:: Work to complete ::
Copy nothing but the lines below running from the line containing "#15 = CARTESIAN_POINT" through the line containing "#74 = DIRECTION", both end lines included.

:: Available data ::
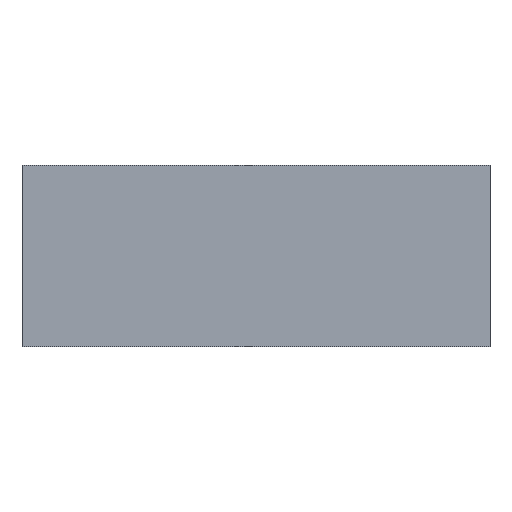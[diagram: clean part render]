
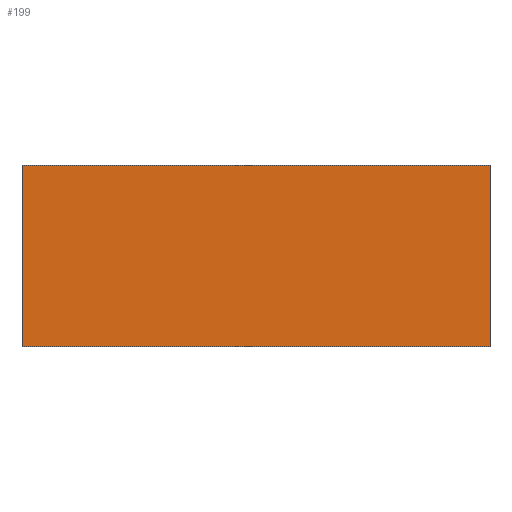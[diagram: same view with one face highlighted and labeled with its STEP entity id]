
A CAD part, top view. The second image highlights one B-rep face of the part: STEP entity #199.
In plain terms, the highlighted planar face has unit normal (0, 0, 1).
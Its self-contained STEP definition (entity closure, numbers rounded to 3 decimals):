
#15 = CARTESIAN_POINT ( 'NONE',  ( -554., 0., 6. ) ) ;
#20 = CARTESIAN_POINT ( 'NONE',  ( 554., 0., 6. ) ) ;
#22 = CARTESIAN_POINT ( 'NONE',  ( -554., 0., 6. ) ) ;
#30 = VERTEX_POINT ( 'NONE', #99 ) ;
#54 = DIRECTION ( 'NONE',  ( 0., 1., 0. ) ) ;
#55 = DIRECTION ( 'NONE',  ( 0., 0., -1. ) ) ;
#61 = CARTESIAN_POINT ( 'NONE',  ( -554., 429., 6. ) ) ;
#65 = PLANE ( 'NONE',  #103 ) ;
#74 = DIRECTION ( 'NONE',  ( -1., 0., 0. ) ) ;
#75 = CARTESIAN_POINT ( 'NONE',  ( -554., 429., 6. ) ) ;
#82 = DIRECTION ( 'NONE',  ( 0., 1., 0. ) ) ;
#83 = CARTESIAN_POINT ( 'NONE',  ( 554., 0., 6. ) ) ;
#88 = VERTEX_POINT ( 'NONE', #97 ) ;
#89 = DIRECTION ( 'NONE',  ( 1., 0., 0. ) ) ;
#92 = VERTEX_POINT ( 'NONE', #22 ) ;
#94 = VERTEX_POINT ( 'NONE', #20 ) ;
#97 = CARTESIAN_POINT ( 'NONE',  ( -554., 429., 6. ) ) ;
#98 = DIRECTION ( 'NONE',  ( 0., -1., 0. ) ) ;
#99 = CARTESIAN_POINT ( 'NONE',  ( 554., 429., 6. ) ) ;
#102 = CARTESIAN_POINT ( 'NONE',  ( -554., 0., 6. ) ) ;
#103 = AXIS2_PLACEMENT_3D ( 'NONE', #61, #55, #54 ) ;
#109 = EDGE_CURVE ( 'NONE', #88, #92, #181, .T. ) ;
#111 = EDGE_CURVE ( 'NONE', #92, #94, #144, .T. ) ;
#112 = EDGE_CURVE ( 'NONE', #94, #30, #133, .T. ) ;
#116 = EDGE_CURVE ( 'NONE', #30, #88, #148, .T. ) ;
#132 = ORIENTED_EDGE ( 'NONE', *, *, #116, .T. ) ;
#133 = LINE ( 'NONE', #83, #140 ) ;
#137 = VECTOR ( 'NONE', #89, 1000. ) ;
#140 = VECTOR ( 'NONE', #82, 1000. ) ;
#144 = LINE ( 'NONE', #15, #137 ) ;
#148 = LINE ( 'NONE', #75, #153 ) ;
#149 = ORIENTED_EDGE ( 'NONE', *, *, #111, .T. ) ;
#151 = VECTOR ( 'NONE', #98, 1000. ) ;
#153 = VECTOR ( 'NONE', #74, 1000. ) ;
#156 = ORIENTED_EDGE ( 'NONE', *, *, #112, .T. ) ;
#165 = ORIENTED_EDGE ( 'NONE', *, *, #109, .T. ) ;
#180 = EDGE_LOOP ( 'NONE', ( #165, #149, #156, #132 ) ) ;
#181 = LINE ( 'NONE', #102, #151 ) ;
#183 = FACE_OUTER_BOUND ( 'NONE', #180, .T. ) ;
#199 = ADVANCED_FACE ( 'NONE', ( #183 ), #65, .F. ) ;

:: Your response ::
#15 = CARTESIAN_POINT ( 'NONE',  ( -554., 0., 6. ) ) ;
#20 = CARTESIAN_POINT ( 'NONE',  ( 554., 0., 6. ) ) ;
#22 = CARTESIAN_POINT ( 'NONE',  ( -554., 0., 6. ) ) ;
#30 = VERTEX_POINT ( 'NONE', #99 ) ;
#54 = DIRECTION ( 'NONE',  ( 0., 1., 0. ) ) ;
#55 = DIRECTION ( 'NONE',  ( 0., 0., -1. ) ) ;
#61 = CARTESIAN_POINT ( 'NONE',  ( -554., 429., 6. ) ) ;
#65 = PLANE ( 'NONE',  #103 ) ;
#74 = DIRECTION ( 'NONE',  ( -1., 0., 0. ) ) ;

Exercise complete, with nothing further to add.